### Exercise goal
Determine how many lines of the listing below hold the string "color". Reply only with the number.

### Input records
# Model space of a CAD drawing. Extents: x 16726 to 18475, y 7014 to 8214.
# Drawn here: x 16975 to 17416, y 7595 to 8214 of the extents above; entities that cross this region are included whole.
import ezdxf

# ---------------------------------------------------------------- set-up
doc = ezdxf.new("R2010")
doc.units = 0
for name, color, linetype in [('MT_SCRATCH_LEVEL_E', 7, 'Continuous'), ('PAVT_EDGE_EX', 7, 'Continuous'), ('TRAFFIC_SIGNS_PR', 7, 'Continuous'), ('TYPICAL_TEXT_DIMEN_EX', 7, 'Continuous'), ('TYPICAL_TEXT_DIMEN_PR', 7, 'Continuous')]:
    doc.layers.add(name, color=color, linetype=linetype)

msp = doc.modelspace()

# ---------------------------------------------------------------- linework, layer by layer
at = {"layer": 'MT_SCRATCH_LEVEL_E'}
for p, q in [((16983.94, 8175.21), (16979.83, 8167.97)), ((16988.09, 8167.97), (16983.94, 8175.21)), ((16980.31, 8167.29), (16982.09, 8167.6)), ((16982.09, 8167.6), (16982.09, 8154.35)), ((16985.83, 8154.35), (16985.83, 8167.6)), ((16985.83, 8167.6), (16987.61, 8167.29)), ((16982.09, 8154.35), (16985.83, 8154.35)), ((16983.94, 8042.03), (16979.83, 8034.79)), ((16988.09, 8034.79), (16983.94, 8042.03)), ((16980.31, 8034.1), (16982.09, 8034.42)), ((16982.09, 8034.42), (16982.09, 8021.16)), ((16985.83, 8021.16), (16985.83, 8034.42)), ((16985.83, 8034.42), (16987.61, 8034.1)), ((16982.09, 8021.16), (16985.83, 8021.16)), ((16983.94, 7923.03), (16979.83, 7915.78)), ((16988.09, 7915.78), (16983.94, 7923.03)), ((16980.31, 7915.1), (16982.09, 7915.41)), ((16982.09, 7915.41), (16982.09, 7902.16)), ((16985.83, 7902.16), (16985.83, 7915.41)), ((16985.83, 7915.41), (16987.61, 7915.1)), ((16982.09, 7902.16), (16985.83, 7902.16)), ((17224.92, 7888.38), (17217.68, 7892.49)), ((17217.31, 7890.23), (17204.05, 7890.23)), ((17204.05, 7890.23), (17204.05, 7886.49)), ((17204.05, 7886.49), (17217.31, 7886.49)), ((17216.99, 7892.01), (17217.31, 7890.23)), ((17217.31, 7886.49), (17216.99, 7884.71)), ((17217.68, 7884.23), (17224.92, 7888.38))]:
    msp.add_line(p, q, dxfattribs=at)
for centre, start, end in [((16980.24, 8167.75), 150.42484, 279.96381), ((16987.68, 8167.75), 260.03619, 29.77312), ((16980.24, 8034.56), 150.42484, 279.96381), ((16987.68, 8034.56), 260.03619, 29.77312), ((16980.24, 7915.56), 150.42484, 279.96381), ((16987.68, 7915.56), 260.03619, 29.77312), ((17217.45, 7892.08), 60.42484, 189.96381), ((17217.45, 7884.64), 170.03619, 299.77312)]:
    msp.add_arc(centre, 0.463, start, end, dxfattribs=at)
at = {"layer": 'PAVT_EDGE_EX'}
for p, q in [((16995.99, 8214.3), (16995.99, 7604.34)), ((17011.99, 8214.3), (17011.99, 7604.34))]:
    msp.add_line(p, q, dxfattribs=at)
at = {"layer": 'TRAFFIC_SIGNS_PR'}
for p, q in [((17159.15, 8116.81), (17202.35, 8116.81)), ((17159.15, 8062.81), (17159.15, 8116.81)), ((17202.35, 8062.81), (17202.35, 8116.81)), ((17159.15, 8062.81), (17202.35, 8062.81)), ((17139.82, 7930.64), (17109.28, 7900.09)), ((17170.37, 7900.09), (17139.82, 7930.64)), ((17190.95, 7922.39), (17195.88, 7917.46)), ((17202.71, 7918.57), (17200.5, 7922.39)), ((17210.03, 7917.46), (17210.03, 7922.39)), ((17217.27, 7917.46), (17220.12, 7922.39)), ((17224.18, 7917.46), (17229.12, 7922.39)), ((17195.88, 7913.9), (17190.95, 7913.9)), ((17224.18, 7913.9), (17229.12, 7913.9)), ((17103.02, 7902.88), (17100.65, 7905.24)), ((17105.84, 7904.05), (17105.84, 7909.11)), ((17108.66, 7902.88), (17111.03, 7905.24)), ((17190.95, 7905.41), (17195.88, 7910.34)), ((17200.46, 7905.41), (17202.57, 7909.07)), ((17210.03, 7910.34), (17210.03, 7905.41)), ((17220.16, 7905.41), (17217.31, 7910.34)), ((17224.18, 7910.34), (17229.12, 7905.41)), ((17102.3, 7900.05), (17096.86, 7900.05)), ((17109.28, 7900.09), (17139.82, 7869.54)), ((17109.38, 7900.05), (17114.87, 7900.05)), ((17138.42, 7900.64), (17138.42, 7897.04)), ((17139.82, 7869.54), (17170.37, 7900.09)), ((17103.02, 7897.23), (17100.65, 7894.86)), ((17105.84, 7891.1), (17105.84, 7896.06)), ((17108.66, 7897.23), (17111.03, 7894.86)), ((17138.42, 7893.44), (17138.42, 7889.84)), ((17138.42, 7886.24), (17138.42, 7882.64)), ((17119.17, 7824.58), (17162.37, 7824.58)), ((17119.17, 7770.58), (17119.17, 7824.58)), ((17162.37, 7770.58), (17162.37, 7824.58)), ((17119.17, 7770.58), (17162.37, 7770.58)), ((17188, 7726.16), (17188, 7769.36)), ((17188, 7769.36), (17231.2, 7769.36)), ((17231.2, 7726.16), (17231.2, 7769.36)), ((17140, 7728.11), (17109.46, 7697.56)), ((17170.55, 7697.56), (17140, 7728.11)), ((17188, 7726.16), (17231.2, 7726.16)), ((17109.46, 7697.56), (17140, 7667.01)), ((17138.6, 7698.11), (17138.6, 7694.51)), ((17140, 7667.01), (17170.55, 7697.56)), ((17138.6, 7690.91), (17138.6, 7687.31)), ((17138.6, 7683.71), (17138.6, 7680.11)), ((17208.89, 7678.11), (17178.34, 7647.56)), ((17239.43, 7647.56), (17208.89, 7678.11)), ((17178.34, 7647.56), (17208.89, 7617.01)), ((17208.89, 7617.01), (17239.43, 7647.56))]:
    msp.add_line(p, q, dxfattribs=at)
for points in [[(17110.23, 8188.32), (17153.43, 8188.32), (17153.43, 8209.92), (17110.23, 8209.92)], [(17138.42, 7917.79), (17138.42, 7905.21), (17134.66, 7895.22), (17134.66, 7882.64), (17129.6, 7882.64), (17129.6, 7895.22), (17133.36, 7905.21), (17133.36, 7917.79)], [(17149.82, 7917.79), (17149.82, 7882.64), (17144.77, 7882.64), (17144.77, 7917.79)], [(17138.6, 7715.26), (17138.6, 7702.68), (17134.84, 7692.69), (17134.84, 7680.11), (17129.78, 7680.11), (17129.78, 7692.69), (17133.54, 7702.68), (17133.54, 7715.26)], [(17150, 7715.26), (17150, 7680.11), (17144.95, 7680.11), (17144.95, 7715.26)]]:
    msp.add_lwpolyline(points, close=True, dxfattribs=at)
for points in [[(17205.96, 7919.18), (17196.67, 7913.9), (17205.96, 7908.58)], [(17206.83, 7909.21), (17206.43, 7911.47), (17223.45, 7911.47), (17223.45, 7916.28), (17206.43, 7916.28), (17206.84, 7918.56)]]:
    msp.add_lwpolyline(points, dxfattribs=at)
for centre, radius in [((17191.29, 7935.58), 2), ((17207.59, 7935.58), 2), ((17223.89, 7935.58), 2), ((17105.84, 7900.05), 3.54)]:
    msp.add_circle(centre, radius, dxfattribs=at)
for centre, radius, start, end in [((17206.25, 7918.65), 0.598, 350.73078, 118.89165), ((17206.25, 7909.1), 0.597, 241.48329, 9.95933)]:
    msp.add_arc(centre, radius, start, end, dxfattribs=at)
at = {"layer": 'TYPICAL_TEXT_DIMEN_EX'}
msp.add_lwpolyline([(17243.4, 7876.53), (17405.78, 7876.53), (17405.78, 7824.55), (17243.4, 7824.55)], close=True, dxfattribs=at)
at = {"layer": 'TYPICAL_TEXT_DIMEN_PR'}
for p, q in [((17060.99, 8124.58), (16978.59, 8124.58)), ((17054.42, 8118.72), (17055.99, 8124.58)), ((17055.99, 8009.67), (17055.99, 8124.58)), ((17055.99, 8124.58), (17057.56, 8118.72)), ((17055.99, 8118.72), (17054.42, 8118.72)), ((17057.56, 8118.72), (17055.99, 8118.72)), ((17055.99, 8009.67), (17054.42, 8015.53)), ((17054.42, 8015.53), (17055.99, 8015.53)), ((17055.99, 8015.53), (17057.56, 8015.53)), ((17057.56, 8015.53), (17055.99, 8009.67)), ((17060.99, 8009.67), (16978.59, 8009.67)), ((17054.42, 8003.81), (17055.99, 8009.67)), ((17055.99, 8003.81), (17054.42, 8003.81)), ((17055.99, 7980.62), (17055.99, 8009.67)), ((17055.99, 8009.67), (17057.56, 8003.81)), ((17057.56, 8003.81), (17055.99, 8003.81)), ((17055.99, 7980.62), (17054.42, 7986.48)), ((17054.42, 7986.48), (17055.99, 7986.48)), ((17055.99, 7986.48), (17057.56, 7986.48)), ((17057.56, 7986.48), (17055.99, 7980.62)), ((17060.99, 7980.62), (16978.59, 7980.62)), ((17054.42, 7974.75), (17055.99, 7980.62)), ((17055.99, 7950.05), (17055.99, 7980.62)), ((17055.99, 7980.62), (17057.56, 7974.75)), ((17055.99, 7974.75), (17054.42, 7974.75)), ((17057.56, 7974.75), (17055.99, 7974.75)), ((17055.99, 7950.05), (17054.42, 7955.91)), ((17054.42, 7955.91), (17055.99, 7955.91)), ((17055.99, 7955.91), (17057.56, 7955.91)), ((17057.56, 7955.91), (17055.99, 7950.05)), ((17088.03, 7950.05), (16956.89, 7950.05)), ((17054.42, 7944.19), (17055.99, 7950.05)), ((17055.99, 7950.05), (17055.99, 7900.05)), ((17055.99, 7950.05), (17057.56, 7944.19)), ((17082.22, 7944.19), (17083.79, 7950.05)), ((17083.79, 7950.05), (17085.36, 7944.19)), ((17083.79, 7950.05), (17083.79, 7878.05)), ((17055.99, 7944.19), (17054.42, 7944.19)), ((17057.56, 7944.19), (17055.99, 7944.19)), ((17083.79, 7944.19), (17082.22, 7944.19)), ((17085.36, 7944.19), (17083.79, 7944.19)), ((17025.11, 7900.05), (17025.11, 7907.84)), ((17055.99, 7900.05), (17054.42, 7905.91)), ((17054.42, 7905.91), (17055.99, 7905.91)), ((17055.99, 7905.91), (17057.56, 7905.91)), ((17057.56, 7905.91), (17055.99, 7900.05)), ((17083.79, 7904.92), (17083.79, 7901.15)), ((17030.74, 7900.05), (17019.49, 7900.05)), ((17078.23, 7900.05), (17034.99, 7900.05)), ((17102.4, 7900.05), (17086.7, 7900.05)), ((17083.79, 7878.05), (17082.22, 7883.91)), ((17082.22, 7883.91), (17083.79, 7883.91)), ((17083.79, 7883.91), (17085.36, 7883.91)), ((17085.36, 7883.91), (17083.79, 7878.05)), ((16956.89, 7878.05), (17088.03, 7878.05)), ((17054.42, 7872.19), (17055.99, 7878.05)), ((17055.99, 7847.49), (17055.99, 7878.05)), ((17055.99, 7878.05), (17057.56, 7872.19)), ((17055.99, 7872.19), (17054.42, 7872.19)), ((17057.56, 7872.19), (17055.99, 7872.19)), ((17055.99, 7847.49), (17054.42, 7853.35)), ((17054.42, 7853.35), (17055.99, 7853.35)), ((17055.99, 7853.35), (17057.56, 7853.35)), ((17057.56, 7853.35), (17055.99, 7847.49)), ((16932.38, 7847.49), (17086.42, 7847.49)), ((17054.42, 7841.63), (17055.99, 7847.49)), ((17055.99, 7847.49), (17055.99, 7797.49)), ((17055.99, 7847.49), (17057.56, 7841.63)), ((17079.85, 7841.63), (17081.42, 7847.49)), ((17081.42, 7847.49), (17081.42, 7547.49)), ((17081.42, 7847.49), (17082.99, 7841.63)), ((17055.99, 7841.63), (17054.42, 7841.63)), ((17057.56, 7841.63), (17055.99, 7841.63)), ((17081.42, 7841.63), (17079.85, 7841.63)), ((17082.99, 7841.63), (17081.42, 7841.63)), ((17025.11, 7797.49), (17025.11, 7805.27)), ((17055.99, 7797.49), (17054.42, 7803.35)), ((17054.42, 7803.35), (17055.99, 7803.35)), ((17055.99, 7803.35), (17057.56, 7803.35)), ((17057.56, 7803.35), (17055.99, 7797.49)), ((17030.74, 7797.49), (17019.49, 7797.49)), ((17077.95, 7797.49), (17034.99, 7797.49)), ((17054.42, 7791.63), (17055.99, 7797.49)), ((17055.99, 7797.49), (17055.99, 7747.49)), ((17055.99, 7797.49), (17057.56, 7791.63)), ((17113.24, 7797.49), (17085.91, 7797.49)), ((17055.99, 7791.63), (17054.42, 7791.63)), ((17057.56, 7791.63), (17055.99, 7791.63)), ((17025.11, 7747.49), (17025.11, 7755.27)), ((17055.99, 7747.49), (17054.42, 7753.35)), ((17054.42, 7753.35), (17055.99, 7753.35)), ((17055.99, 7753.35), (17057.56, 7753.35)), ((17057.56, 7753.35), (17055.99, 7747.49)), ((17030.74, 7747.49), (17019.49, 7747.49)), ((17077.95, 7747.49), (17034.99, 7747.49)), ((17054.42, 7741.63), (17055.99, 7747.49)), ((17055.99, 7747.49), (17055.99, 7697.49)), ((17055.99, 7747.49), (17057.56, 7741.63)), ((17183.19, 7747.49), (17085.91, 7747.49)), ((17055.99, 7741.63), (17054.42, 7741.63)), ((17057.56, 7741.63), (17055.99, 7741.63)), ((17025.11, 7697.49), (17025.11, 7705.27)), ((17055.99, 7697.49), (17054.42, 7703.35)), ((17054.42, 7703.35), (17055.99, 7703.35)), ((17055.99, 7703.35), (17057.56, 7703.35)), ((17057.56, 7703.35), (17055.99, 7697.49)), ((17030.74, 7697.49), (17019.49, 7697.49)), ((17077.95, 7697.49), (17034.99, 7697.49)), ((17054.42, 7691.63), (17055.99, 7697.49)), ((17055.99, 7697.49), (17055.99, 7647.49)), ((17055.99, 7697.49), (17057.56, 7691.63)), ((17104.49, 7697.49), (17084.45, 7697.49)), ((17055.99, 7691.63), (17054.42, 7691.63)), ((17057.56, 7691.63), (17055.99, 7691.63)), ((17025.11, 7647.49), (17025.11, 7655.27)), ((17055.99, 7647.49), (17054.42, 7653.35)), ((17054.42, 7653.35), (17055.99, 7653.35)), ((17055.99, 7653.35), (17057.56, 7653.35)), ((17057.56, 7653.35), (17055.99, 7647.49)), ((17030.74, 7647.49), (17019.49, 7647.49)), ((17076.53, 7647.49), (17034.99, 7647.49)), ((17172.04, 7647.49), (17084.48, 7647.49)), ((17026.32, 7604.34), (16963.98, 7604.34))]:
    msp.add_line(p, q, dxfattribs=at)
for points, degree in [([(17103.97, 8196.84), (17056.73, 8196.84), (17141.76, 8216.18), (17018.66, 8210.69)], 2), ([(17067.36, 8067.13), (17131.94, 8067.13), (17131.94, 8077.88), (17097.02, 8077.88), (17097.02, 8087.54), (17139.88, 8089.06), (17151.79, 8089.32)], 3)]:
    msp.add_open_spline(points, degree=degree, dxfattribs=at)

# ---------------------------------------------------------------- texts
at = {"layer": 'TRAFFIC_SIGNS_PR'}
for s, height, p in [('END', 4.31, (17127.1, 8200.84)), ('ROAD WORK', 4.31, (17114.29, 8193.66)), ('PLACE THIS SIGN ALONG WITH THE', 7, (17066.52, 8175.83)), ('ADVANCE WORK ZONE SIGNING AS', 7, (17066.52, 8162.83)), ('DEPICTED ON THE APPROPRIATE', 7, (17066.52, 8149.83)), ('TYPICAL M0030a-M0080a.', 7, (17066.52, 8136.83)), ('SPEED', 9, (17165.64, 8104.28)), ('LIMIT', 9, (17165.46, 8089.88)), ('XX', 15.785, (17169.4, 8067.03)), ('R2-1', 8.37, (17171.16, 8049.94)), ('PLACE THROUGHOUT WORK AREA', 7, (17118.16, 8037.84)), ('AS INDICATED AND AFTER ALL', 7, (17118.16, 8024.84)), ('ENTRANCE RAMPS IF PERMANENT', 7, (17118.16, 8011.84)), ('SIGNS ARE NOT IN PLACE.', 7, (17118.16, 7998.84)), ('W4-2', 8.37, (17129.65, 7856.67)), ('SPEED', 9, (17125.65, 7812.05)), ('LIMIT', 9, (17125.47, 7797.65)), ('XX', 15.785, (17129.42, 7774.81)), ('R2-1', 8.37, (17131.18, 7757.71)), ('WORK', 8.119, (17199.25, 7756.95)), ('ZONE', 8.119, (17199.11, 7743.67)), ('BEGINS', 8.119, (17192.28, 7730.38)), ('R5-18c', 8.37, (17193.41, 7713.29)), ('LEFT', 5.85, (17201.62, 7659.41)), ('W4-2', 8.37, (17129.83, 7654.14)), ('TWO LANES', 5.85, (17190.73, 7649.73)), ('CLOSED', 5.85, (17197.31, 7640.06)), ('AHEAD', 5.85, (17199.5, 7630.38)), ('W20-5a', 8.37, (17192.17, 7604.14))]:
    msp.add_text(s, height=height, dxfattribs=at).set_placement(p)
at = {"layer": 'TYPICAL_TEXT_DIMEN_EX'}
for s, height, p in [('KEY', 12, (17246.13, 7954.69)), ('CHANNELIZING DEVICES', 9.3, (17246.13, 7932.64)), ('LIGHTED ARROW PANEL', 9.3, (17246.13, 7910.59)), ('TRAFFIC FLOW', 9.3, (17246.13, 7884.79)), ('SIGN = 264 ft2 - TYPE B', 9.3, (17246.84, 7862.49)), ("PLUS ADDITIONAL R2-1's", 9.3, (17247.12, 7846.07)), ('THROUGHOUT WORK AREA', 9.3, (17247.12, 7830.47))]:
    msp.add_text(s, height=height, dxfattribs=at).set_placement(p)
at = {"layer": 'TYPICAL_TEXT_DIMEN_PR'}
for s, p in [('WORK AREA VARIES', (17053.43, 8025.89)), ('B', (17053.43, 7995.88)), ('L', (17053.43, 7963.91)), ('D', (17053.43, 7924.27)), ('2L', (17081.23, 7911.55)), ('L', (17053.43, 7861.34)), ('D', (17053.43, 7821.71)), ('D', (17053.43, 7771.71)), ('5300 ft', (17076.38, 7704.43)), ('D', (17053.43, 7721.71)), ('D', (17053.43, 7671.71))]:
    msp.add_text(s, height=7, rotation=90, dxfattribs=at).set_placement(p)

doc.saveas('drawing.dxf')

### Problem solution
2